When you're using BeautifulSoup, you can use different parsers, including `html.parser`, `html5lib` and `lxml`. Try both the good HTML and bad HTML with each parser and use `print(soup_doc.prettify())` to view the difference.

What is different about each one?

> You'll need to `pip install` for both html5lib and lxml.
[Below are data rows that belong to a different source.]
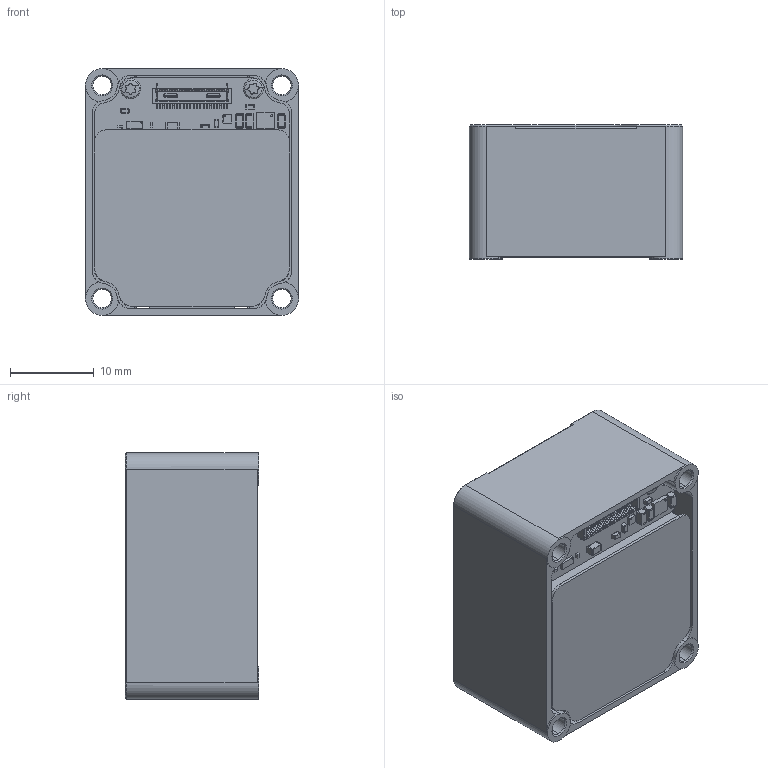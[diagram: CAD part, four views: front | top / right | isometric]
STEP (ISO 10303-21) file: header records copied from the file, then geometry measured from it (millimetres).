
FILE_DESCRIPTION (( 'STEP AP214' ), '1' );
FILE_NAME ('ELLIPSE-N-O-GEN3.STEP', '2020-11-23T09:13:22', ( '' ), ( '' ), 'SwSTEP 2.0', 'SolidWorks 2020', '' );
FILE_SCHEMA (( 'AUTOMOTIVE_DESIGN' ));
Length unit declared in the file: millimetre
Products named in the file (1): ELLIPSE-N-O-GEN3
Bounding box: 25.5 x 16 x 29.5 mm (x, y, z)
Surface area: 5701.9 mm2 (no closed solid volume)
Topology: 0 solids, 64 shells, 908 faces, 3344 edges, 2406 vertices
Faces by surface type: plane 424, cylinder 379, bspline 59, cone 30, sphere 8, torus 8
Entity records: 46342 total; most frequent: CARTESIAN_POINT 8859, DIRECTION 5829, ORIENTED_EDGE 4882, EDGE_CURVE 3331, VERTEX_POINT 2406, LINE 2209, VECTOR 2209, AXIS2_PLACEMENT_3D 1810

Since you aren't important them, they're coming from BeautifulSoup, you'll need to do **Kernel > Restart** and run from the top after installing to have them work.

In [4]:
#pip install html5lib

In [5]:
#pip install lxml

In [3]:
html_good = """
<h1>This is a title</h1>
<h2>This is a subhead</h2>
<p>This is a paragraph</p>
<p>This is another paragraph</p>
"""


html_bad = """
<h1>This is a title
<h2>This is a subhead
<p>This is a paragraph
<p>This is another paragraph
"""

### Good HTML 2 parsers

In [6]:
soup_doc_good_html5lib = BeautifulSoup(html_good, "html5lib")
soup_doc_good_lxml = BeautifulSoup(html_good, "lxml")

In [15]:
print(soup_doc_good_html5lib.prettify())

<html>
 <head>
 </head>
 <body>
  <h1>
   This is a title
  </h1>
  <h2>
   This is a subhead
  </h2>
  <p>
   This is a paragraph
  </p>
  <p>
   This is another paragraph
  </p>
 </body>
</html>



In [14]:
print(soup_doc_good_lxml.prettify())

<html>
 <body>
  <h1>
   This is a title
  </h1>
  <h2>
   This is a subhead
  </h2>
  <p>
   This is a paragraph
  </p>
  <p>
   This is another paragraph
  </p>
 </body>
</html>



### Bad HTML 2 parsers

In [9]:
soup_doc_bad_html5lib = BeautifulSoup(html_bad, "html5lib")
soup_doc_bad_lxml = BeautifulSoup(html_bad, "lxml")

In [13]:
print(soup_doc_bad_html5lib.prettify())

<html>
 <head>
 </head>
 <body>
  <h1>
   This is a title
  </h1>
  <h2>
   This is a subhead
   <p>
    This is a paragraph
   </p>
   <p>
    This is another paragraph
   </p>
  </h2>
 </body>
</html>



In [12]:
print(soup_doc_bad_lxml.prettify())

<html>
 <body>
  <h1>
   This is a title
   <h2>
    This is a subhead
   </h2>
  </h1>
  <p>
   This is a paragraph
  </p>
  <p>
   This is another paragraph
  </p>
 </body>
</html>



Seems to me that if the html is generally laid out well, parsers give you decently similar results. But if the html itself is bad, they give you different results and you might have to test out how they look so you can access the right tags? Html5lib seems to give a better structure for this intuitively?